Pick out every line of the entries below where "linetype" occurs, and copy those lines.

··· Supplied material

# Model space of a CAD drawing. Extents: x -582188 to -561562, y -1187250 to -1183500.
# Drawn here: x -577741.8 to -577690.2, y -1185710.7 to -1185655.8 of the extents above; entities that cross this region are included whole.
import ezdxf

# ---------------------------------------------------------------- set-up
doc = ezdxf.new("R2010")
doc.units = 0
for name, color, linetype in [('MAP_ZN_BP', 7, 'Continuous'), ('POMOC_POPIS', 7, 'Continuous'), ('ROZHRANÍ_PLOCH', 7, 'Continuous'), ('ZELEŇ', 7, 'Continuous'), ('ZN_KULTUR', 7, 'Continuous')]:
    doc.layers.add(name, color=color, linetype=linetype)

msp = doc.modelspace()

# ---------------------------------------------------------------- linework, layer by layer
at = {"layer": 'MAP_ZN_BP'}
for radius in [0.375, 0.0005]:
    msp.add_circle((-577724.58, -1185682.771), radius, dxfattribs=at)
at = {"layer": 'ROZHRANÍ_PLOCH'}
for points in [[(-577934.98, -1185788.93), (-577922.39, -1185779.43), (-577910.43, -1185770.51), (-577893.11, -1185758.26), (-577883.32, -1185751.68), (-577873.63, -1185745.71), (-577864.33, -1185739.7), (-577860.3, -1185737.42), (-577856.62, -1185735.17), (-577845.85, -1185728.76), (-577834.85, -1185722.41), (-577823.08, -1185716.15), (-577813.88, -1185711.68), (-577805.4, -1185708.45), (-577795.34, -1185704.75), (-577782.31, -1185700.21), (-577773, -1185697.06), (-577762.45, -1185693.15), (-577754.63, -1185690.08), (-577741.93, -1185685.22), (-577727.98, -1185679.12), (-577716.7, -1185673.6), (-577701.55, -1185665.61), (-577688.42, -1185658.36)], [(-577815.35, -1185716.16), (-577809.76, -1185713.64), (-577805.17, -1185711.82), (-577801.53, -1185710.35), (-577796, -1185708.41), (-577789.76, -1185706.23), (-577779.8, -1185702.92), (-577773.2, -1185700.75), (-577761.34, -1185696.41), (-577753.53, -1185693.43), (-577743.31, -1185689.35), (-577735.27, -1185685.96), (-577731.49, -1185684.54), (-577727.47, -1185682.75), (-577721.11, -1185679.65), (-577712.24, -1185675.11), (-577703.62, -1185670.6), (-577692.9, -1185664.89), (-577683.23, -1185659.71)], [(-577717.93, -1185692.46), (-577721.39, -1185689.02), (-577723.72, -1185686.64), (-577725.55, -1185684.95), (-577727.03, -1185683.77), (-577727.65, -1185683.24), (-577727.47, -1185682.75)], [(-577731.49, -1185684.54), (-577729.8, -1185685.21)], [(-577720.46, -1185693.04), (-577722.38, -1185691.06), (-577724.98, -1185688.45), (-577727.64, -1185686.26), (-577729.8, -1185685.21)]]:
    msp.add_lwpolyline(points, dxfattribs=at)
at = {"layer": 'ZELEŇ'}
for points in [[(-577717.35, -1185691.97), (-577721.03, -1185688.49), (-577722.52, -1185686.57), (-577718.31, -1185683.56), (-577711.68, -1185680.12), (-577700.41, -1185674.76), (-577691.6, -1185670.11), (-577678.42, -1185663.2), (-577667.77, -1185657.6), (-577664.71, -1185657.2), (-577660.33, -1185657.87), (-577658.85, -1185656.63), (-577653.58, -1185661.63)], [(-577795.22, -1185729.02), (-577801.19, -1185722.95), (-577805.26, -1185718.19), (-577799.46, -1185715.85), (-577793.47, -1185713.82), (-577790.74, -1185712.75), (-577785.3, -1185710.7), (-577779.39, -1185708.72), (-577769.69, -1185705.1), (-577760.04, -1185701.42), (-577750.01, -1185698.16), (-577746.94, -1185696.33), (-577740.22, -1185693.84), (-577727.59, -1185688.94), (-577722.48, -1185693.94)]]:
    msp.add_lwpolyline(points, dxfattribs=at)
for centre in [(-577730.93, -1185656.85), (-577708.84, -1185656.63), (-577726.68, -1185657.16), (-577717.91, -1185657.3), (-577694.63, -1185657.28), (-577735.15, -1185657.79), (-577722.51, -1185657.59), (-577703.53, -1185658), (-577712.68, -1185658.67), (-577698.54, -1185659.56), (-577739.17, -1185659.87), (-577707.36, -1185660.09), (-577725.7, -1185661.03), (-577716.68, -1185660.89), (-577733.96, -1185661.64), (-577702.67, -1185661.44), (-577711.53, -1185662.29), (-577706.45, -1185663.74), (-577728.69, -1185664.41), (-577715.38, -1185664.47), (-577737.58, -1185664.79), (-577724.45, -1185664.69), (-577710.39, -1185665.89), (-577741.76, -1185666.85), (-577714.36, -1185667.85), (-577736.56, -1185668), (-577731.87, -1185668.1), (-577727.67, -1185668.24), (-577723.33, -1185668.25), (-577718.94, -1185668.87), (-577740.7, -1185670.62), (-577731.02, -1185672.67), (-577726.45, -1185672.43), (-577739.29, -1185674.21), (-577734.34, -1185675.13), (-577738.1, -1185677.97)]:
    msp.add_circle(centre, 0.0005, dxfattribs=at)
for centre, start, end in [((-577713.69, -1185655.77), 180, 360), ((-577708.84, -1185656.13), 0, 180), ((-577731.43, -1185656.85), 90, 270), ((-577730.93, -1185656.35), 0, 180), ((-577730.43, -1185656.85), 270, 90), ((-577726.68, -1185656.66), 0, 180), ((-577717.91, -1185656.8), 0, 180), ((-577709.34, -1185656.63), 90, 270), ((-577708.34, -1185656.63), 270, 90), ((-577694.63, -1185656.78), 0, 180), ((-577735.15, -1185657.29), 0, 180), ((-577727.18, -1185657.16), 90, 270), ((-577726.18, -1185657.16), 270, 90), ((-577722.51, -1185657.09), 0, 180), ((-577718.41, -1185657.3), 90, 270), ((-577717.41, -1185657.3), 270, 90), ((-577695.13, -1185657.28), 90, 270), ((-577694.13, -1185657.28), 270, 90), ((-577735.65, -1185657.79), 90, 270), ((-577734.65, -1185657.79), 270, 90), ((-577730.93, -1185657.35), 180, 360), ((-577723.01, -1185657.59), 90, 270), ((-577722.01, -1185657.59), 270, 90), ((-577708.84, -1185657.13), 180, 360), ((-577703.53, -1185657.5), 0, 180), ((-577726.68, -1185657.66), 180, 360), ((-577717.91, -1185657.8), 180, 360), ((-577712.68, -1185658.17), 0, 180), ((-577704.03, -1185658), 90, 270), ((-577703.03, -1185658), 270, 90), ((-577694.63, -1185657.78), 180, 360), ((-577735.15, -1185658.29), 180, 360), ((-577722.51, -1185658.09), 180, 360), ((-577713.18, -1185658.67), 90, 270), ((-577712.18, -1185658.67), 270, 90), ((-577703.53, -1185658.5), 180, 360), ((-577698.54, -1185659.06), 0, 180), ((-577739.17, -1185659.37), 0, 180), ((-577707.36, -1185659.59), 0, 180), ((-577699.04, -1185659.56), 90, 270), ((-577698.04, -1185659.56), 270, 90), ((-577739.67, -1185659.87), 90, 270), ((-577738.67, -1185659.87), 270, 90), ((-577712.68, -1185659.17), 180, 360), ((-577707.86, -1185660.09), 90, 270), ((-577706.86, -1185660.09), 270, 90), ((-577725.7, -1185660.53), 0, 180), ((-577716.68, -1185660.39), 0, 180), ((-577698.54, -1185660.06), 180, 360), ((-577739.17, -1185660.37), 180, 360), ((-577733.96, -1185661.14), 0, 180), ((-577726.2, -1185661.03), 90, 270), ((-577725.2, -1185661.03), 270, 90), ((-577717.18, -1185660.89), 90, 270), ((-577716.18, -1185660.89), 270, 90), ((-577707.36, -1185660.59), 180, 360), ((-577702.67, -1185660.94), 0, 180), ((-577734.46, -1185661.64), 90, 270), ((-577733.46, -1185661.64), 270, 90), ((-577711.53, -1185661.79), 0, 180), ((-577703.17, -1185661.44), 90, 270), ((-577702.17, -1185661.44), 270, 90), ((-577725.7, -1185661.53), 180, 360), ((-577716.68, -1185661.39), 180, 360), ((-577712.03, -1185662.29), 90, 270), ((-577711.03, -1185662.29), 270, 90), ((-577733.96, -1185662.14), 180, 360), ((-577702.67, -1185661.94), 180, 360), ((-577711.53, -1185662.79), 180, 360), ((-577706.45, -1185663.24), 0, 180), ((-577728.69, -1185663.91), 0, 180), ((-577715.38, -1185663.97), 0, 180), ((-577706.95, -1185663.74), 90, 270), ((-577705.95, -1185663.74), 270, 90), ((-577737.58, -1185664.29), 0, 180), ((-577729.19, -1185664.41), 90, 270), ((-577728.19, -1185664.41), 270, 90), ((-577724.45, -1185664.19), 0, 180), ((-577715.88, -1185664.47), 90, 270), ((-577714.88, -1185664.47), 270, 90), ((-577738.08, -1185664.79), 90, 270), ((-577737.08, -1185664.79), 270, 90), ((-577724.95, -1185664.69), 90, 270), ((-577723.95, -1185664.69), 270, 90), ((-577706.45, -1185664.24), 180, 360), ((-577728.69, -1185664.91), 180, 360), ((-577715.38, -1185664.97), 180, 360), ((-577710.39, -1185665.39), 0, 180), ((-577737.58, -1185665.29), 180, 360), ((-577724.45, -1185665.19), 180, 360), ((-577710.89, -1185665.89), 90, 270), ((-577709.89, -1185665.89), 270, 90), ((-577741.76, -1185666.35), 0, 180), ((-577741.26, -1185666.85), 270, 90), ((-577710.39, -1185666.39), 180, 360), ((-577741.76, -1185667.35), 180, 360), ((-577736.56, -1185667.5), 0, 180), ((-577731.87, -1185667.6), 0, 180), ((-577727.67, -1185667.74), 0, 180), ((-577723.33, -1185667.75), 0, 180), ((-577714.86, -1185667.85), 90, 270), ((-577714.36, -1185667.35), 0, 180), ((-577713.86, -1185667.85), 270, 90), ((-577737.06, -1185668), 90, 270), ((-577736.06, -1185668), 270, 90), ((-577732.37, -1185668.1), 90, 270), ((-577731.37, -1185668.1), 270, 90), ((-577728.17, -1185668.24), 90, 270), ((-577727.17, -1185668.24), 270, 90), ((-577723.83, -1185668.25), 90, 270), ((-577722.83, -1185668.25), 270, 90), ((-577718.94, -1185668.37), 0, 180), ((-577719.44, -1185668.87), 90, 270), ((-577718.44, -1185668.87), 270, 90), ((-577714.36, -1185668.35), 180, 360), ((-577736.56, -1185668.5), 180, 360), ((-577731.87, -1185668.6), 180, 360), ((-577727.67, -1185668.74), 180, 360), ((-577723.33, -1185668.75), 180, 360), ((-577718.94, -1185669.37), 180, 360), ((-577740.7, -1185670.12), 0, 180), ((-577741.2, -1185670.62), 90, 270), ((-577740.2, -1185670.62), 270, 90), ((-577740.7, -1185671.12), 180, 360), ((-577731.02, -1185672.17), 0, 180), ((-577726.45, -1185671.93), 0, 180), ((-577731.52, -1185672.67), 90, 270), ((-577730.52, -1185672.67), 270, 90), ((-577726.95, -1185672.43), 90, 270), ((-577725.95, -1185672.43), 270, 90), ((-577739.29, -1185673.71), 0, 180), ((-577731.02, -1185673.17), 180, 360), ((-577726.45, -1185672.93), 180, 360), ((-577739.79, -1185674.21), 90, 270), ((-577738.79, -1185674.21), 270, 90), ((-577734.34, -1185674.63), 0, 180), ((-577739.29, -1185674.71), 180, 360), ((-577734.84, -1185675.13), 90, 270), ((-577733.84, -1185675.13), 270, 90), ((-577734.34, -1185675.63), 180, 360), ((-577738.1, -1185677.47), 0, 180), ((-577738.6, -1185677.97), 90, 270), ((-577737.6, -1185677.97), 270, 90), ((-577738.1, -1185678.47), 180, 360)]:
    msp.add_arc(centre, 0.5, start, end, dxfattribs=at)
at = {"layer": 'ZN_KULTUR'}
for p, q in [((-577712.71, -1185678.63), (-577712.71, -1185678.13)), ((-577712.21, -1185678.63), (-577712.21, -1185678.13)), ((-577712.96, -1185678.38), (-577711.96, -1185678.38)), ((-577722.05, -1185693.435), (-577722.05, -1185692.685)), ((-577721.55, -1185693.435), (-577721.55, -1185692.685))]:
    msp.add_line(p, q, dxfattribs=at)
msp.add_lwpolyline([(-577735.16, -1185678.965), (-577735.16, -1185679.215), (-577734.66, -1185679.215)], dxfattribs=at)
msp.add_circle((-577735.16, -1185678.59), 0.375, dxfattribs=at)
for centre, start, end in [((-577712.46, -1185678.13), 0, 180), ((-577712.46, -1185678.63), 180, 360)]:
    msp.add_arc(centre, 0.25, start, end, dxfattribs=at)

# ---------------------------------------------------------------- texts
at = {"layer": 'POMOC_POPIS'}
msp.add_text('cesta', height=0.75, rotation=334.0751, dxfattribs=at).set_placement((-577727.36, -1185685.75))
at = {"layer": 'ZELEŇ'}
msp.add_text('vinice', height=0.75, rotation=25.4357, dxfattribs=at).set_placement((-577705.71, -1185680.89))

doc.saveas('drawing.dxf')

······

**Result of this exercise**
for name, color, linetype in [('MAP_ZN_BP', 7, 'Continuous'), ('POMOC_POPIS', 7, 'Continuous'), ('ROZHRANÍ_PLOCH', 7, 'Continuous'), ('ZELEŇ', 7, 'Continuous'), ('ZN_KULTUR', 7, 'Continuous')]:
    doc.layers.add(name, color=color, linetype=linetype)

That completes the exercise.